2009年、我が家の帰国に伴い、彼女は次の家庭へ雇われた。
しかし、相性が合わず、すぐにミャンマーへ帰ったと聞いた。
       
「ビルマの竪琴」の印象しかないミャンマーだったが、
行ったことはないのに彼女のおかげでいい国のように思える。
イメージなんて、そういうものだろう。
日本のイメージも、きっと海を渡った先人たち個々人が
その国で生きていくために示した勤勉さがつくり出したものだ。              
      
あれから3年。
                    
中国の労働賃金の上昇に伴い、
民主化へと舵を切ったミャンマーへの日本企業の進出が現実味を帯びている。 
           
労働賃金が安く、また、仏教国ということもあり、
真面目な国民性が評価されているとのこと。
           
いつの日か、ミャンマーでの日本企業の広告キャンペーンをつくって、
彼女の国の経済発展に微力ながら貢献したい。
                     
最近、スーチーさんの報道に絡んでミャンマーが取り上げられる度に、
彼女の朗らかな笑顔を想い出し、広告と経済の幸せな関係を考えている。

ブログ 2012/06/12

巨人の四番

先日のプロ野球セパ交流戦でのこと。 
      
9回表に西武ライオンズに同点に追いつかれ、
迎えた9回裏の巨人の攻撃。
   
1アウト2塁。
この日3安打の坂本が敬遠された。
 
次は四番の村田だ。 
     
この日の村田は、前の3打席がすべて凡退で、
その雰囲気からして打てそうになかった。
ライオンズの策は順当だった。
     
しかし、村田はタイミングの合っていない空振りの後、
体勢を崩されながらも同じ球種をとらえ、サヨナラヒットを放った。
         
ヒーローインタビューでの朴訥な受け答えの中、
「前のバッターが敬遠されましたが、どんな気持ちでしたか?」
という質問に対して、
「巨人の4番を任せられていますから」 
と彼は発し、球場は湧いた。    
         
隣りのオジさんは号泣していた。
 
                
意地とプライド。 
 
                          
持ち過ぎると、柔軟性を欠き、扱いにくい人と評される。
そして、足りないと、言動に迫力を欠く。
        
見えないだけに、どれだけ持っていればいいのか。
その分量は難しい。   

ブログ 2012/06/09

前提

とある不便なスタジオに行くため、最寄り駅からタクシーに乗った。
料金は880円だった。
重い10円玉と別れたくて、千円札と一緒に合計1,080円を払った。 
8枚の硬貨と入れ違いに2枚の硬貨が戻ってくる計算だ。
       
「はい、20円のお釣りね」  
  
運転手さんは言った。

2枚の硬貨は合っていたので、  

「はい。
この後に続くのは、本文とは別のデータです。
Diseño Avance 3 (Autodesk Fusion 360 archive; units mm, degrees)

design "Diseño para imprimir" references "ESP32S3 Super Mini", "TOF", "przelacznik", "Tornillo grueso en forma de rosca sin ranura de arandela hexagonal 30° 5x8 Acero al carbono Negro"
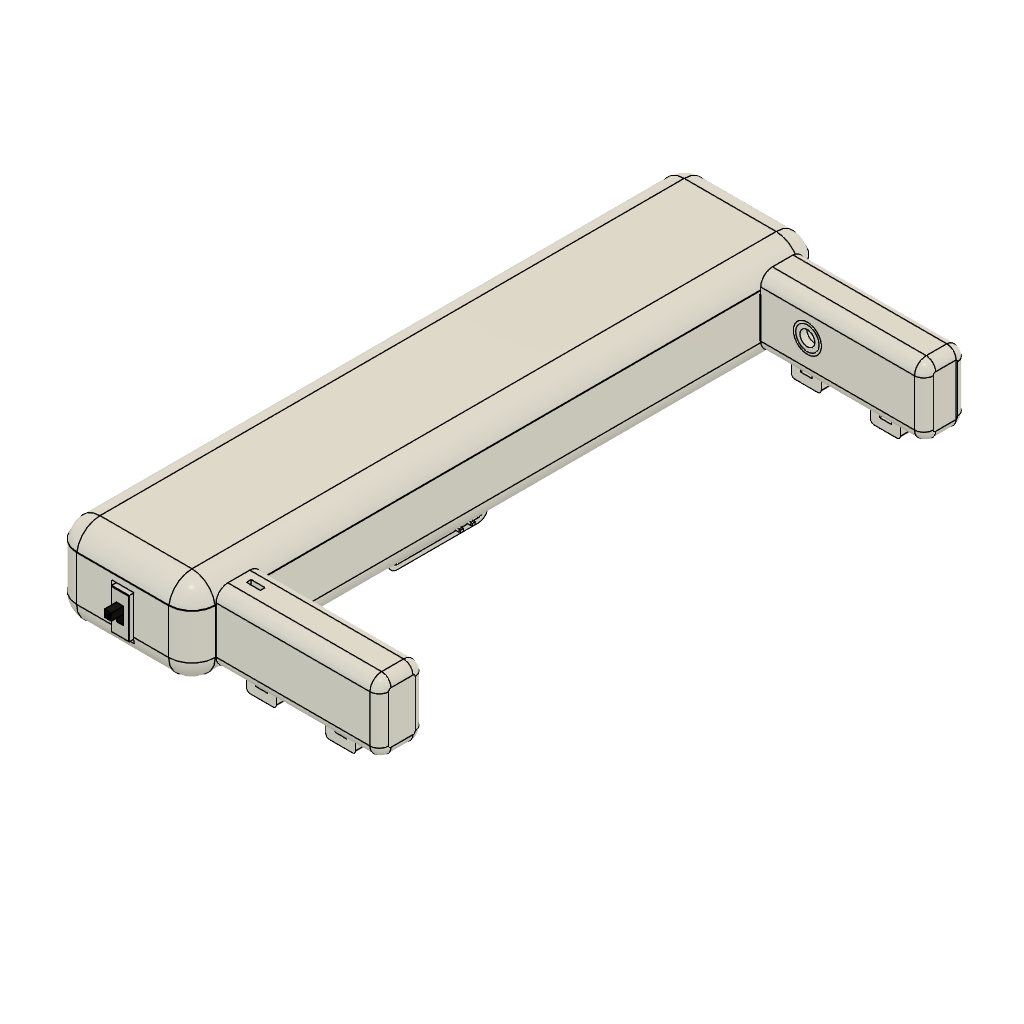
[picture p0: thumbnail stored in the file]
part number: 2026-10-26-12-19-18-322
parameter "d70" = 1.5
parameter "d71" = 2
parameter "d72" = 0.75 (= "0.5 * d70")
parameter "d73" = 0.5
parameter "d74" = 0.1
component_insert "Inserción de componente2"
sketch "Boceto2" plane through (0, 0, 0) normal (0, 1, 0) x axis (1, 0, 0)
  line L1 (11.8049, 39.8827) -> (-7.939, 39.8827)
  line L2 (16.8049, -90.4755) -> (16.8049, 34.8827)
  line L3 (-7.939, -95.4755) -> (11.8049, -95.4755)
  line L4 (-12.939, 34.8827) -> (-12.939, -90.4755)
  arc A1 centre (11.8049, 34.8827) radius 5 clockwise from (11.8049, 39.8827) to (16.8049, 34.8827)
  arc A2 centre (-7.939, 34.8827) radius 5 clockwise from (-12.939, 34.8827) to (-7.939, 39.8827)
  arc A3 centre (11.8049, -90.4755) radius 5 clockwise from (16.8049, -90.4755) to (11.8049, -95.4755)
  arc A4 centre (-7.939, -90.4755) radius 5 clockwise from (-7.939, -95.4755) to (-12.939, -90.4755)
  horizontal L1
  vertical L2
  horizontal L3
  vertical L4
  tangent L1 A1
  tangent L2 A1
  tangent L1 A2
  tangent L4 A2
  equal A1 A2
  tangent L2 A3
  tangent L3 A3
  equal A1 A3
  tangent L3 A4
  tangent L4 A4
  equal A1 A4
  dimension "d1" radius A1 = 5
extrude "Extruir1" new body sketch "Boceto2" along normal blind 20 bodies "Tapa modelo principal"
fillet "Empalme1" radius 5
shell "Vaciado1" innerThickness 1
sketch "Boceto3" plane through (-12.939, 0, 0) normal (-1, 0, 0) x axis (0, 0, 1)
  line L1 (-34.8827, 15) -> (90.4755, 15)
  line L2 (-34.8827, 5) -> (-34.8827, 15)
  line L3 (90.4755, 5) -> (-34.8827, 5)
  line L4 (90.4755, 15) -> (90.4755, 5)
  line L5 (100, 15) -> (-41.9189, 15.051)
split "Dividir1" bodies "Cuerpo modelo principal"
move "Desplazar1"
move "Desplazar2"
move "Desplazar3"
sketch "Boceto4" plane through (0, 0, -40.8827) normal (0, 0, -1) x axis (-1, 0, 0)
  line L1 (-9.8049, 35) -> (9.939, 35)
  line L2 (-9.8049, 25) -> (-9.8049, 35)
  line L3 (9.939, 25) -> (-9.8049, 25)
  line L4 (9.939, 35) -> (9.939, 25)
  line L5 (4.6443, 30.227) -> (-4.4043, 30.227)
  line L6 (5.5543, 27.1633) -> (5.5543, 29.317)
  line L7 (-4.4043, 26.2533) -> (4.6443, 26.2533)
  line L8 (-5.3143, 29.317) -> (-5.3143, 27.1633)
  arc A1 centre (-4.4043, 29.317) radius 0.91 clockwise from (-5.3143, 29.317) to (-4.4043, 30.227)
  arc A2 centre (4.6443, 29.317) radius 0.91 clockwise from (4.6443, 30.227) to (5.5543, 29.317)
  arc A3 centre (-4.4043, 27.1633) radius 0.91 clockwise from (-4.4043, 26.2533) to (-5.3143, 27.1633)
  arc A4 centre (4.6443, 27.1633) radius 0.91 clockwise from (5.5543, 27.1633) to (4.6443, 26.2533)
  horizontal L5
  vertical L6
  horizontal L7
  vertical L8
  tangent L5 A1
  tangent L8 A1
  tangent L5 A2
  tangent L6 A2
  equal A1 A2
  tangent L7 A3
  tangent L8 A3
  equal A1 A3
  tangent L6 A4
  tangent L7 A4
  equal A1 A4
  dimension "d7" radius A1 = 0.91
extrude "Extruir2" cut sketch "Boceto4" profile of L5 L6 L7 L8 A1 A2 A3 A4 distance 5
sketch "Boceto6" plane through (0, 0, 0) normal (0, 1, 0) x axis (1, 0, 0)
  line L1 (-6.6748, -37.6034) -> (5.6853, -37.6034)
  line L2 (-8.6748, -18.2148) -> (-8.6748, -35.6034)
  line L3 (5.6853, -16.2148) -> (-6.6748, -16.2148)
  line L4 (7.6853, -35.6034) -> (7.6853, -18.2148)
  arc A1 centre (5.6853, -35.6034) radius 2 clockwise from (7.6853, -35.6034) to (5.6853, -37.6034)
  arc A2 centre (5.6853, -18.2148) radius 2 clockwise from (5.6853, -16.2148) to (7.6853, -18.2148)
  arc A3 centre (-6.6748, -18.2148) radius 2 clockwise from (-8.6748, -18.2148) to (-6.6748, -16.2148)
  arc A4 centre (-6.6748, -35.6034) radius 2 clockwise from (-6.6748, -37.6034) to (-8.6748, -35.6034)
  horizontal L1
  vertical L2
  horizontal L3
  vertical L4
  tangent L1 A1
  tangent L4 A1
  tangent L3 A2
  tangent L4 A2
  equal A1 A2
  tangent L2 A3
  tangent L3 A3
  equal A1 A3
  tangent L1 A4
  tangent L2 A4
  equal A1 A4
  dimension "d13" radius A1 = 2
extrude "Extruir4" new body sketch "Boceto6" along normal blind 14 bodies "Cuerpo sensor movimiento"
sketch "Boceto5" plane through (0, 0, 0) normal (0, 1, 0) x axis (1, 0, 0)
  line L1 (5.7179, -37.5629) -> (-6.5549, -37.5629)
  line L2 (7.7179, -18.2385) -> (7.7179, -35.5629)
  line L3 (-6.5549, -16.2385) -> (5.7179, -16.2385)
  line L4 (-8.5549, -35.5629) -> (-8.5549, -18.2385)
  arc A1 centre (-6.5549, -18.2385) radius 2 clockwise from (-8.5549, -18.2385) to (-6.5549, -16.2385)
  arc A2 centre (5.7179, -18.2385) radius 2 clockwise from (5.7179, -16.2385) to (7.7179, -18.2385)
  arc A3 centre (-6.5549, -35.5629) radius 2 clockwise from (-6.5549, -37.5629) to (-8.5549, -35.5629)
  arc A4 centre (5.7179, -35.5629) radius 2 clockwise from (7.7179, -35.5629) to (5.7179, -37.5629)
  horizontal L1
  vertical L2
  horizontal L3
  vertical L4
  tangent L3 A1
  tangent L4 A1
  tangent L2 A2
  tangent L3 A2
  equal A1 A2
  tangent L1 A3
  tangent L4 A3
  equal A1 A3
  tangent L1 A4
  tangent L2 A4
  equal A1 A4
  dimension "d12" radius A1 = 2
extrude "Extruir3" cut sketch "Boceto5" profile of L1 L2 L3 L4 along normal blind 30
fillet "Empalme2" radius 2
shell "Vaciado2" innerThickness 1
move "Desplazar7"
component_insert "Inserción de componente5"
sketch "Boceto12" plane through (0, 0, 94.4755) normal (0, 0, 1) x axis (1, 0, 0)
  line L1 (-9.939, 35) -> (9.8049, 35)
  line L2 (-9.939, 25) -> (-9.939, 35)
  line L3 (9.8049, 25) -> (-9.939, 25)
  line L4 (9.8049, 35) -> (9.8049, 25)
  line L5 (2.2736, 33.3192) -> (-2.4332, 33.3192)
  line L6 (2.2736, 23.7329) -> (2.2736, 33.3192)
  line L7 (-2.4332, 23.7329) -> (2.2736, 23.7329)
  line L8 (-2.4332, 33.3192) -> (-2.4332, 23.7329)
  horizontal L5
  vertical L6
  horizontal L7
  vertical L8
position "Posición1"
extrude "Extruir8" cut sketch "Boceto12" profile of L3 L5 L6 L8 along normal blind 2 and against normal blind 2
extrude "Extruir9" cut sketch "Boceto12" profile of L3 L6 L7 L8 along normal blind 0 and against normal blind 2
component_insert "Inserción de componente6"
position "Posición2"
sketch "Boceto14" plane through (0, 0, 0) normal (1, 0, 0) x axis (0, 0, -1)
  line L1 (-26.4911, 15.7408) -> (-22.7799, 15.7408)
  line L2 (-27.4911, 13.343) -> (-27.4911, 14.7408)
  line L3 (-22.7799, 12.343) -> (-26.4911, 12.343)
  line L4 (-21.7799, 14.7408) -> (-21.7799, 13.343)
  arc A1 centre (-22.7799, 14.7408) radius 1 clockwise from (-22.7799, 15.7408) to (-21.7799, 14.7408)
  arc A2 centre (-26.4911, 14.7408) radius 1 clockwise from (-27.4911, 14.7408) to (-26.4911, 15.7408)
  arc A3 centre (-26.4911, 13.343) radius 1 clockwise from (-26.4911, 12.343) to (-27.4911, 13.343)
  arc A4 centre (-22.7799, 13.343) radius 1 clockwise from (-21.7799, 13.343) to (-22.7799, 12.343)
  horizontal L1
  vertical L2
  horizontal L3
  vertical L4
  tangent L1 A1
  tangent L4 A1
  tangent L1 A2
  tangent L2 A2
  equal A1 A2
  tangent L2 A3
  tangent L3 A3
  equal A1 A3
  tangent L3 A4
  tangent L4 A4
  equal A1 A4
  dimension "d41" radius A1 = 1
extrude "Extruir10" cut sketch "Boceto14" along normal blind 0 and against normal blind 25
sketch "Boceto15" plane through (0, 0, 0) normal (1, 0, 0) x axis (0, 0, -1)
  line L1 (-27.8639, 17.9865) -> (-21.8979, 17.9865)
  line L2 (-29.8639, 12.5238) -> (-29.8639, 15.9865)
  line L3 (-21.8979, 10.5238) -> (-27.8639, 10.5238)
  line L4 (-19.8979, 15.9865) -> (-19.8979, 12.5238)
  arc A1 centre (-21.8979, 15.9865) radius 2 clockwise from (-21.8979, 17.9865) to (-19.8979, 15.9865)
  arc A2 centre (-27.8639, 15.9865) radius 2 clockwise from (-29.8639, 15.9865) to (-27.8639, 17.9865)
  arc A3 centre (-27.8639, 12.5238) radius 2 clockwise from (-27.8639, 10.5238) to (-29.8639, 12.5238)
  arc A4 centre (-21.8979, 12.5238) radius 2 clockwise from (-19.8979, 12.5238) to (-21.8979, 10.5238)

ありがとうございました」 

と反射的に答えてしまった。
すぐに、 

「お釣りが違いますよ」

と言ったのだが、

「えっ?ちゃんと 20円ですよ」
  
と自身満々に返された。

「あっ!」
を期待していたので言葉を失った…。 
    
「…200円でしょ?」
 
「なんで?」
 
「なんでって、1,080円を支払ったから」

「だから、20円ですよ」 

「………」

ダメだ。  
お互いに暗算ができる前提の会話は成立しない…。   
 
スタッフが待っている。
気持ちよくスタジオに入るためには、
気持ちよくタクシーから降りたい。           

最近知った<第三の案>というものを使ってみた。 
   
「じゃあ、100円でいいですよ」 
    
「おたく、計算できないの?」
   
確かにそういうことになる。
 
               
最終的には、メーターを見ながら、
「この80円とあの80円で互いにチャラ」
「次に、この千円とあの800円で、お釣りは200円でしょ?」  
というやり取りで納得してもらった。
 
降り際に、
「ごめんね。てっきり、お客さんが千円を出したと思ってね」
と明るく言われた。 
                  
「その場合、120円です」と野暮なことは言わなかった。           
 
                  
前提は、初めての相手には通じない。   
大切なことを改めて学べた。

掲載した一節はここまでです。